3.3 Set-up of numerical model

As the CPT is an essential axisymmetric problem, a 2D formulation is adopted. In CPTs, a standard cone with a cone angle of \(60^{\circ }\) and a shaft cross section area of 10 \(cm^{2}\) is generally used. A typical particle distribution and mesh used in this study is shown in Fig. 4. The model extends 20 cone radii to the radial boundary and 40 cone radii below the cone shoulder. These dimensions are proven to be sufficient to avoid boundary effect.
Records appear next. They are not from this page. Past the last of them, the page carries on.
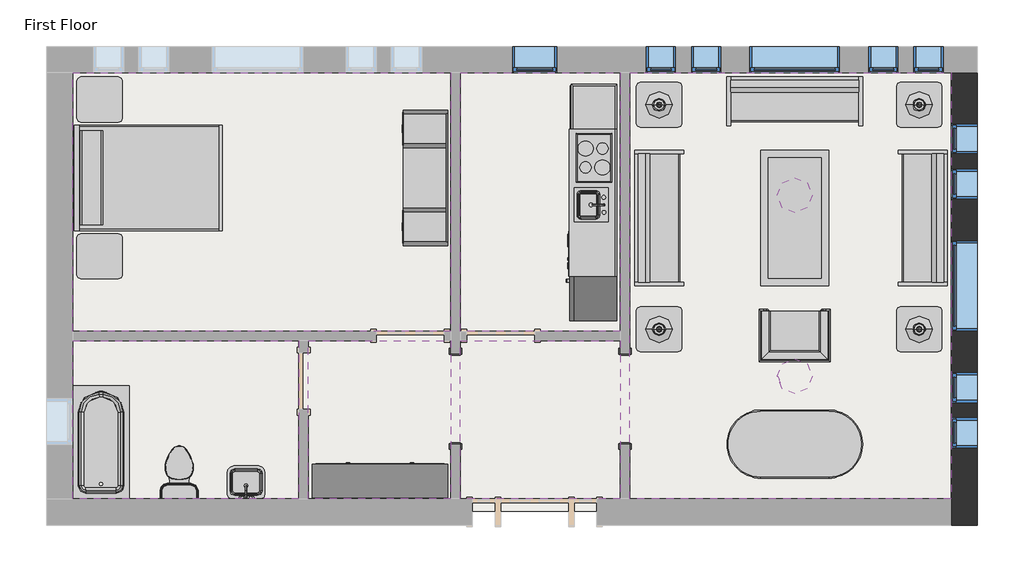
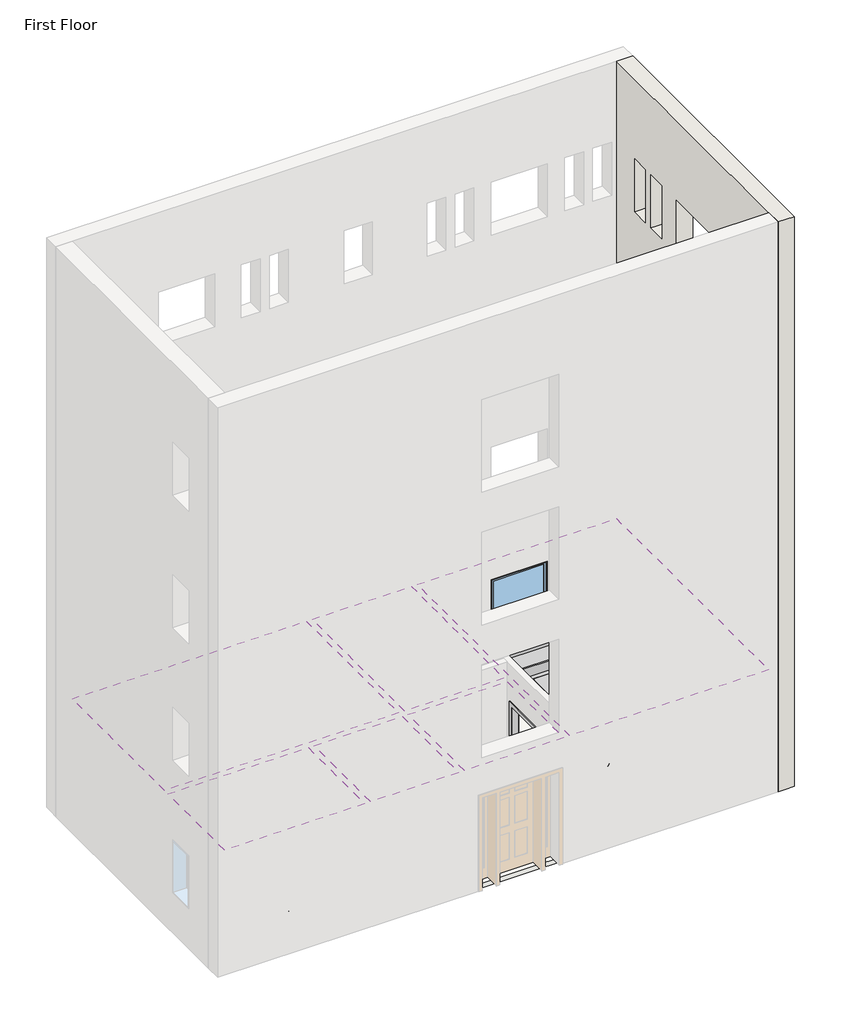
# One storey, part 2 of 2: 15 furniture elements, 11 windows, 6 coverings, 6 light fixtures, 3 flow terminals, 3 proxies, 1 slab, 1 wall.
"""IFC4 building model written with IfcOpenShell, lengths in millimetres."""

from ifc_helpers import new_model, si_unit, frame, origin, place, context, project, spatial, polyline, outline, extrude, faceted_brep, transform, mapped, element, save
from components import proxy_64a468c4, proxy_f44482cc, flow_terminal_0aeb31e3, toilet_domestic_3d_toilet_domestic_3d_f7549cf7, toilet_domestic_3d_toilet_domestic_3d_183bbd19, tub_rectangular_3d_tub_rectangular_3d_0be0b2e8, furniture_096e7f55, chair_corbu_chair_corbu_2764bdef, furniture_7c473f12, furniture_ddc78764, furniture_4ef38d96, furniture_cd93a443, furniture_8c0aa46a, furniture_3a588284, furniture_1befe2a2, pendant_disk_c68bffb6, table_lamp_1_100_watt_incandescent_6e8cd8b1, window_da97879f, window_d61ef850, window_60baf983, window_6eb97611

model = new_model("IFC4")

# Units and contexts
model_context = context("Model", 3, world=origin())
ifc_project = project(units=[si_unit("LENGTHUNIT", "METRE", prefix="MILLI")], contexts=[model_context])

# Site, building, storey
site = spatial("IfcSite", under=ifc_project)
building = spatial("IfcBuilding", under=site)
storey = spatial("IfcBuildingStorey", under=building, Name="First Floor", Elevation=0.0)

# Proxies
placement = place(None, origin())
proxy_shape = proxy_64a468c4(model_context)
element("IfcBuildingElementProxy", 1, Name="Kitchenette - Medium : 8'6\"", ObjectType="Kitchenette - Medium : 8'6\"", at=placement, inside=storey, context=model_context, shape_type="MappedRepresentation", body=[
    mapped(proxy_shape, transform((-3887.7589563, 8837.7956433, 0.0), x_axis=(0.0, -1.0, 0.0), y_axis=(1.0, 0.0, 0.0), z_axis=(0.0, 0.0, 1.0))),
])
proxy_2_shape = proxy_f44482cc(model_context)
element("IfcBuildingElementProxy", 2, Name="Opening-Cased : 48\" x 84\"", ObjectType="Opening-Cased : 48\" x 84\"", at=placement, inside=storey, context=model_context, shape_type="MappedRepresentation", body=[
    mapped(proxy_2_shape, transform((-3773.4589563, 5882.4203434, 0.0), x_axis=(0.0, 1.0, 0.0), y_axis=(-1.0, 0.0, 0.0), z_axis=(0.0, 0.0, 1.0))),
])
element("IfcBuildingElementProxy", 3, Name="Opening-Cased : 48\" x 84\"", ObjectType="Opening-Cased : 48\" x 84\"", at=placement, inside=storey, context=model_context, shape_type="MappedRepresentation", body=[
    mapped(proxy_2_shape, transform((-6059.4589563, 5866.04303, 0.0), x_axis=(0.0, -1.0, 0.0), y_axis=(1.0, 0.0, 0.0), z_axis=(0.0, 0.0, 1.0))),
])

# Coverings
element("IfcCovering", 4, ObjectType="GWB on Mtl. Stud", at=placement, inside=storey, context=model_context, shape_type="SweptSolid", body=[
    extrude(outline(polyline([(-11217.2464563, 10270.0191867), (-6122.9589563, 10270.0191867), (-6122.9589563, 6787.0441867), (-11217.2464563, 6787.0441867), (-11217.2464563, 10270.0191867)])), frame((0.0, 0.0, 2590.8), z_axis=(0.0, 0.0, 1.0), x_axis=(1.0, 0.0, 0.0)), (0.0, 0.0, 1.0), 107.95),
])
element("IfcCovering", 5, ObjectType="GWB on Mtl. Stud", at=placement, inside=storey, context=model_context, shape_type="SweptSolid", body=[
    extrude(outline(polyline([(-5995.9589563, 6787.0441867), (-5995.9589563, 10270.0191867), (-3836.9589563, 10270.0191867), (-3836.9589563, 6787.0441867), (-5995.9589563, 6787.0441867)])), frame((0.0, 0.0, 2590.8), z_axis=(0.0, 0.0, 1.0), x_axis=(1.0, 0.0, 0.0)), (0.0, 0.0, 1.0), 107.95),
])
element("IfcCovering", 6, ObjectType="GWB on Mtl. Stud", at=placement, inside=storey, context=model_context, shape_type="SweptSolid", body=[
    extrude(outline(polyline([(-3709.9589563, 4526.4441867), (-3709.9589563, 10270.0191867), (622.3285437, 10270.0191867), (622.3285437, 4526.4441867), (-3709.9589563, 4526.4441867)])), frame((0.0, 0.0, 2590.8), z_axis=(0.0, 0.0, 1.0), x_axis=(1.0, 0.0, 0.0)), (0.0, 0.0, 1.0), 107.95),
])
element("IfcCovering", 7, ObjectType="GWB on Mtl. Stud", at=placement, inside=storey, context=model_context, shape_type="SweptSolid", body=[
    extrude(outline(polyline([(-3836.9589563, 4526.4441867), (-5995.9589563, 4526.4441867), (-5995.9589563, 6660.0441867), (-3836.9589563, 6660.0441867), (-3836.9589563, 4526.4441867)])), frame((0.0, 0.0, 2590.8), z_axis=(0.0, 0.0, 1.0), x_axis=(1.0, 0.0, 0.0)), (0.0, 0.0, 1.0), 107.95),
])
element("IfcCovering", 8, ObjectType="GWB on Mtl. Stud", at=placement, inside=storey, context=model_context, shape_type="SweptSolid", body=[
    extrude(outline(polyline([(-6122.9589563, 4526.4441867), (-8042.2464563, 4526.4441867), (-8042.2464563, 6660.0441867), (-6122.9589563, 6660.0441867), (-6122.9589563, 4526.4441867)])), frame((0.0, 0.0, 2590.8), z_axis=(0.0, 0.0, 1.0), x_axis=(1.0, 0.0, 0.0)), (0.0, 0.0, 1.0), 107.95),
])
element("IfcCovering", 9, ObjectType="GWB on Mtl. Stud", at=placement, inside=storey, context=model_context, shape_type="SweptSolid", body=[
    extrude(outline(polyline([(-8169.2464563, 6660.0441867), (-8169.2464563, 4526.4441867), (-11217.2464563, 4526.4441867), (-11217.2464563, 6660.0441867), (-8169.2464563, 6660.0441867)])), frame((0.0, 0.0, 2590.8), z_axis=(0.0, 0.0, 1.0), x_axis=(1.0, 0.0, 0.0)), (0.0, 0.0, 1.0), 107.95),
])

# Flow terminals
flow_terminal_shape = flow_terminal_0aeb31e3(model_context)
element("IfcFlowTerminal", 10, ObjectType="Sink Vanity-Square : 24\" x 19\"", at=placement, inside=storey, context=model_context, shape_type="MappedRepresentation", body=[
    mapped(flow_terminal_shape, transform((-8864.7572157, 4706.5895878, 0.0), x_axis=(-1.0, 0.0, 0.0), y_axis=(0.0, -1.0, 0.0), z_axis=(0.0, 0.0, 1.0))),
])
toilet_domestic_3d_toilet_domestic_3d_shape = toilet_domestic_3d_toilet_domestic_3d_f7549cf7(model_context)
toilet_domestic_3d_toilet_domestic_3d_2_shape = toilet_domestic_3d_toilet_domestic_3d_183bbd19(model_context)
element("IfcFlowTerminal", 11, ObjectType="Toilet-Domestic-3D : Toilet-Domestic-3D", at=placement, inside=storey, context=model_context, shape_type="MappedRepresentation", body=[
    mapped(toilet_domestic_3d_toilet_domestic_3d_shape, transform((-9782.1466587, 4940.866411, 0.0), x_axis=(-1.0000000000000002, 0.0, 0.0), y_axis=(0.0, -1.0000000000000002, 0.0), z_axis=(0.0, 0.0, 1.0))),
    mapped(toilet_domestic_3d_toilet_domestic_3d_2_shape, transform((-9782.1466587, 4940.866411, 0.0), x_axis=(-1.0000000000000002, 0.0, 0.0), y_axis=(0.0, -1.0000000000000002, 0.0), z_axis=(0.0, 0.0, 1.0))),
])
tub_rectangular_3d_tub_rectangular_3d_shape = tub_rectangular_3d_tub_rectangular_3d_0be0b2e8(model_context)
element("IfcFlowTerminal", 12, ObjectType="Tub-Rectangular-3D : Tub-Rectangular-3D", at=placement, inside=storey, context=model_context, shape_type="MappedRepresentation", body=[
    mapped(tub_rectangular_3d_tub_rectangular_3d_shape, transform((-11393.4589563, 5637.0471554, 0.0), x_axis=(0.0, 1.0, 0.0), y_axis=(-1.0, 0.0, 0.0), z_axis=(0.0, 0.0, 1.0))),
])

# Furniture
furniture_shape = furniture_096e7f55(model_context)
element("IfcFurniture", 13, ObjectType="Bed-Shaker : Double 56\" x 78\"", at=placement, inside=storey, context=model_context, shape_type="MappedRepresentation", body=[
    mapped(furniture_shape, transform((-11183.1982802, 8871.8755561, 0.0), x_axis=(0.0, 1.0, 0.0), y_axis=(-1.0, 0.0, 0.0), z_axis=(0.0, 0.0, 1.0))),
])
chair_corbu_chair_corbu_shape = chair_corbu_chair_corbu_2764bdef(model_context)
element("IfcFurniture", 14, ObjectType="Chair-Corbu : Chair-Corbu", at=placement, inside=storey, context=model_context, shape_type="MappedRepresentation", body=[
    mapped(chair_corbu_chair_corbu_shape, transform((-914.0851858, 7193.4962359, 0.0), x_axis=(-1.0, 0.0, 0.0), y_axis=(0.0, -1.0, 0.0), z_axis=(0.0, 0.0, 1.0))),
])
furniture_2_shape = furniture_7c473f12(model_context)
element("IfcFurniture", 15, ObjectType="Dresser : 72\" x 60\" x 18\"", at=placement, inside=storey, context=model_context, shape_type="MappedRepresentation", body=[
    mapped(furniture_2_shape, transform((-7344.6522161, 4404.5812326, 0.0), x_axis=(-1.0, 0.0, 0.0), y_axis=(0.0, -1.0, 0.0), z_axis=(0.0, 0.0, 1.0))),
])
furniture_3_shape = furniture_ddc78764(model_context)
element("IfcFurniture", 16, ObjectType="Entertainment Center : 72\" x 72\" x 24\"", at=placement, inside=storey, context=model_context, shape_type="MappedRepresentation", body=[
    mapped(furniture_3_shape, transform((-6059.4589563, 8852.8255561, 0.0), x_axis=(0.0, -1.0, 0.0), y_axis=(1.0, 0.0, 0.0), z_axis=(0.0, 0.0, 1.0))),
])
furniture_4_shape = furniture_4ef38d96(model_context)
element("IfcFurniture", 17, ObjectType="Sofa : 72\"", at=placement, inside=storey, context=model_context, shape_type="MappedRepresentation", body=[
    mapped(furniture_4_shape, transform((-1557.8294481, 9741.2775883, 0.0), x_axis=(1.0, 0.0, 0.0), y_axis=(0.0, 1.0, 0.0), z_axis=(0.0, 0.0, 1.0))),
])
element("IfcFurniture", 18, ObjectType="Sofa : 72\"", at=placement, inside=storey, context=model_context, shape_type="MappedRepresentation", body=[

The cone tip is initially embedded into the soil with a depth of 2 radii to maintain numerical stability.

Fig. 4

Particle distribution and initial mesh: a global view, b enlarged view near cone tip

A total of 1000 load steps are used to simulate the whole cone penetration process. The cone resistance is computed from the vertical reaction force along the tip surface divided by the cross section area of the shaft step by step, so that a curve of cone resistance versus the penetration depth can be obtained. The computed cone resistance achieves a steady-state value at a depth of approximately 10 cone radii for weightless soil. Hence, the total penetration depth is taken to be 20 cone radii in the simulations to get a steady-state cone resistance.

The computed cone resistance is affected by the size of the mesh, but converges to a specific value as the mesh is continuously refined. To determine a sufficiently refined mesh, seven meshes with different numbers of particles are used to simulate the cone penetration in undrained Tresca soil with Young’s modulus of E=1000 kPa, Poisson’s ratio of \(\nu \)=0.499 and undrained shear strength of \(s_{u}\)=10 kPa. The cone is assumed to be smooth. The overburden pressure on the soil surface \(\sigma _{v0}\) and the in situ horizontal stress \(\sigma _{h0}\) of soil are both set to be zero. The obtained cone resistances with different particle numbers are shown in Fig. 5. It can be seen that when 16341 particles are used, the result tends to converge. The steady-state cone resistance is only approximately 0.5\(\%\) lower than the value when more particles are used (i.e., 25045 particles). Therefore, the mesh with 16341 particles is used in the following study.

Fig. 5

Cone factors versus number of particles

4 CPT in undrained Tresca soil

4.1 Justification of the use of cone factor

In undrained penetration, the cone resistance \(q_{c}\) is commonly related to the undrained shear strength by way of a relation of the form [29, 60]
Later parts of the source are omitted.